I want this communion with the strange rivers of the interior.
Reading these words rearranged something in my skull. Here was someone who knew my illness intimately and was talking about positive side effects; a cool drink, an alternative to the daily updates I see in chronically-ill Facebook groups about mistreatment, isolation, disability support rejections, cries for help, new deaths.
I realised I too have always longed for a sort of slowness. I have always been naturally introverted and needed lots of quiet time alone. One result of chronic illness has been a gentle turning inward, a sort of narrowing and refocusing of every aspect of life. I choose how I spend my hours of wellness with more clarity and autonomy than ever before. And while I don’t feel grateful for my illness or pain, I’ve started to feel less guilty about living the slower life that I know others crave, and sometimes even finding joy in it.
While I don’t feel grateful for my illness or pain, I’ve started to feel less guilty about living the slower life that I know others crave.
In her wonderful essay ‘In Bed’, Joan Didion describes the ‘convalescent euphoria’ that comes after hours of being in physical pain. For me, it’s true.
Late into the afternoon, when the pain subsides, I rise and go for a long languorous walk. I wend my way around the park and then the oval, with the sun low, everything saturated in sepia tones. I exult in the new ease of my body. I listen to favourite songs in my headphones. I smile at strangers; a woman with a pram by the swings, a man throwing a stick to his dog. I watch the sun sinking gold through the trees. Like Didion, earnestly: I count my blessings.
*
After seven years, last year I returned to uni to study writing. This time I have plenty of support; my teachers know sometimes I can’t come to class or meet deadlines.

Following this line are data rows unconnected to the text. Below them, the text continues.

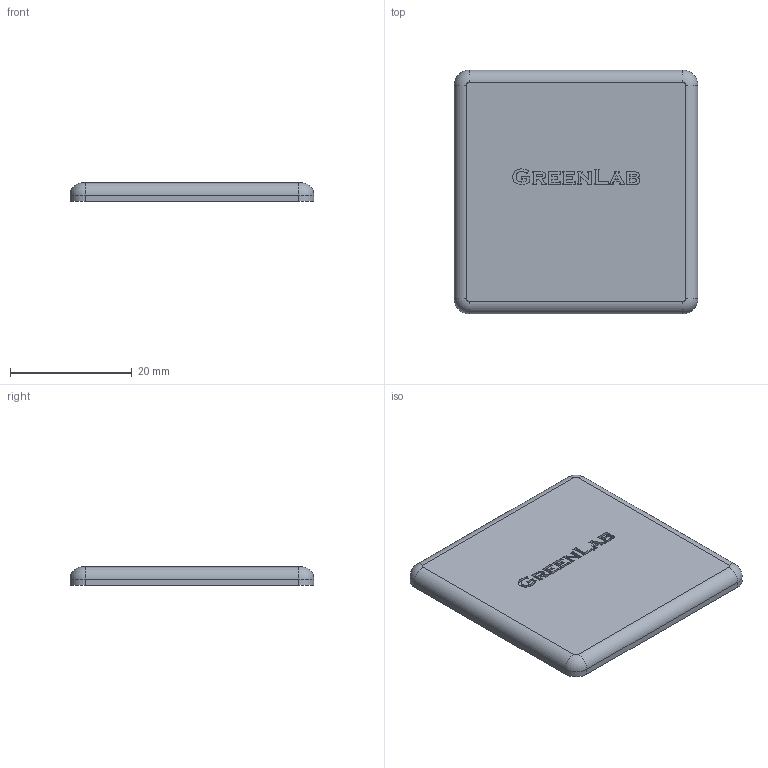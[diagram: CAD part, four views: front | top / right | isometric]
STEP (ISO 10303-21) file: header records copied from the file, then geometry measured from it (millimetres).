
FILE_DESCRIPTION (( 'STEP AP214' ), '1' );
FILE_NAME ('1.1063 Päätysuoja 40X40 musta.STEP', '2023-12-04T15:13:21', ( '' ), ( '' ), 'SwSTEP 2.0', 'SolidWorks 2019', '' );
FILE_SCHEMA (( 'AUTOMOTIVE_DESIGN' ));
Length unit declared in the file: millimetre
Products named in the file (1): 1.1063 Päätysuoja 40X40 musta
Bounding box: 40 x 40 x 3 mm (x, y, z)
Volume: 4641.9 mm3; surface area: 3574.7 mm2
Topology: 1 solids, 1 shells, 240 faces, 670 edges, 444 vertices
Faces by surface type: plane 143, bspline 85, cylinder 8, torus 4
Entity records: 10306 total; most frequent: CARTESIAN_POINT 4672, ORIENTED_EDGE 1340, DIRECTION 832, EDGE_CURVE 670, VECTOR 480, LINE 480, VERTEX_POINT 444, EDGE_LOOP 252
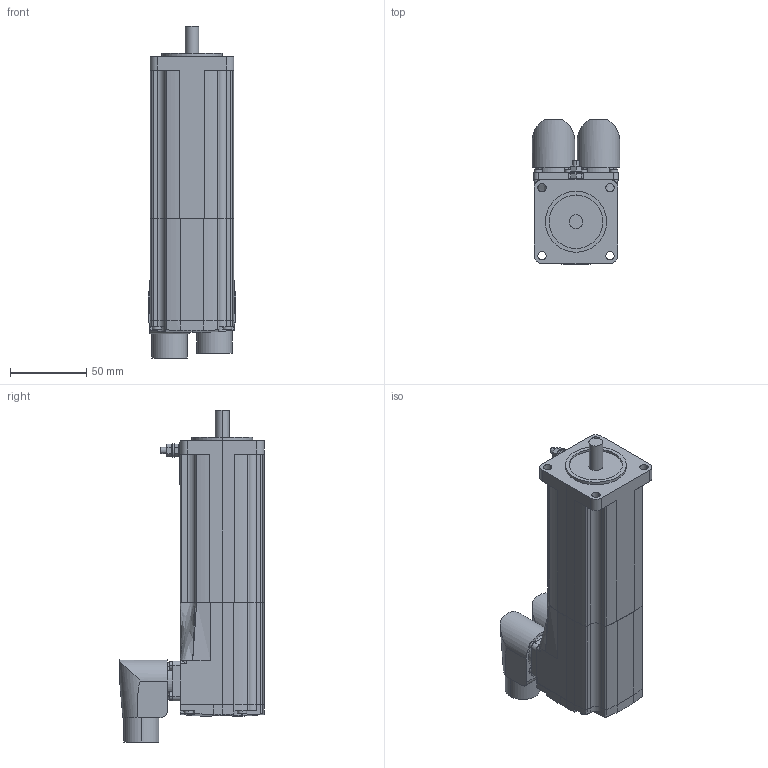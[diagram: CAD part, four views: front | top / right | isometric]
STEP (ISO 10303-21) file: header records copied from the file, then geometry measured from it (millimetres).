
FILE_DESCRIPTION (( 'STEP AP214' ), '1' );
FILE_NAME ('SH30552x0xF2100.STEP', '2013-11-29T07:22:21', ( 'Windows User' ), ( 'Schneider-Electric' ), 'SwSTEP 2.0', 'SolidWorks 2010', '' );
FILE_SCHEMA (( 'AUTOMOTIVE_DESIGN' ));
Length unit declared in the file: millimetre
Products named in the file (7): 1-100011007_K-TOPFGEHÄUSE SH3-055X_000_Topfgehäuse SH30552 ohne Passfeder; 1-100011008_K-LAGERSCHILD SH3-055X-A UND F_000_Lagerschild SH3-055x-F; 1-100011009_K-DECKEL SH3-055X_000_Deckel SH3-055x; 1-100011011_K-ERDUNGSBOLZEN M4_000; K-ENCODER-CONINVERS-ABGEW_ENCODER-CONINVERS-ABGEWINKELT_000_Single- MultiTurn; K-POWER-CONINVERS-ABGEWIN_POWER-CONINVERS-ABGEWINKELT_000_mit Bremse; SH30552x0xF2100
Assembly tree (6 placements, depth 2):
  SH30552x0xF2100
    1-100011008_K-LAGERSCHILD SH3-055X-A UND F_000_Lagerschild SH3-055x-F
    1-100011007_K-TOPFGEHÄUSE SH3-055X_000_Topfgehäuse SH30552 ohne Passfeder
    1-100011011_K-ERDUNGSBOLZEN M4_000
    1-100011009_K-DECKEL SH3-055X_000_Deckel SH3-055x
    K-ENCODER-CONINVERS-ABGEW_ENCODER-CONINVERS-ABGEWINKELT_000_Single- MultiTurn
    K-POWER-CONINVERS-ABGEWIN_POWER-CONINVERS-ABGEWINKELT_000_mit Bremse
Bounding box: 57.5 x 94.5 x 217.45 mm (x, y, z)
Volume: 556228.8 mm3; surface area: 72203.2 mm2
Topology: 6 solids, 6 shells, 400 faces, 997 edges, 658 vertices
Faces by surface type: cylinder 193, plane 170, torus 16, bspline 12, cone 5, sphere 4
Entity records: 13684 total; most frequent: CARTESIAN_POINT 3561, DIRECTION 2163, ORIENTED_EDGE 1990, EDGE_CURVE 995, AXIS2_PLACEMENT_3D 850, VERTEX_POINT 658, VECTOR 463, LINE 463

I can only work in small bursts, before I need to take a break to rest, and it takes me much longer to finish something than it might take others. But slowly, methodically, I make my way, and enjoy it too. Things start to feel possible again.
For the first time in a decade, I am busy. I go to uni, work casually in a job I enjoy, write, say yes to projects I’m excited about, leave the house. My new treatments and medications have helped allow this. And though this new busyness has brought excitement, there’s also fear, of what I have to lose. I know I have to be careful not to drive my body into hospital by trying to work the same amount as peers. I know my bursts of wellness only last so long before the pain arrives and I have to retreat to recumbency. I’m still learning the new choreography of my illness.
But I don’t want my new busyness to be put up on the wall of achievements. I don’t want to only be worth something when I’m well. Perhaps the quietest revolution to celebrate as a chronically ill or disabled person is simply to exist in this world at all.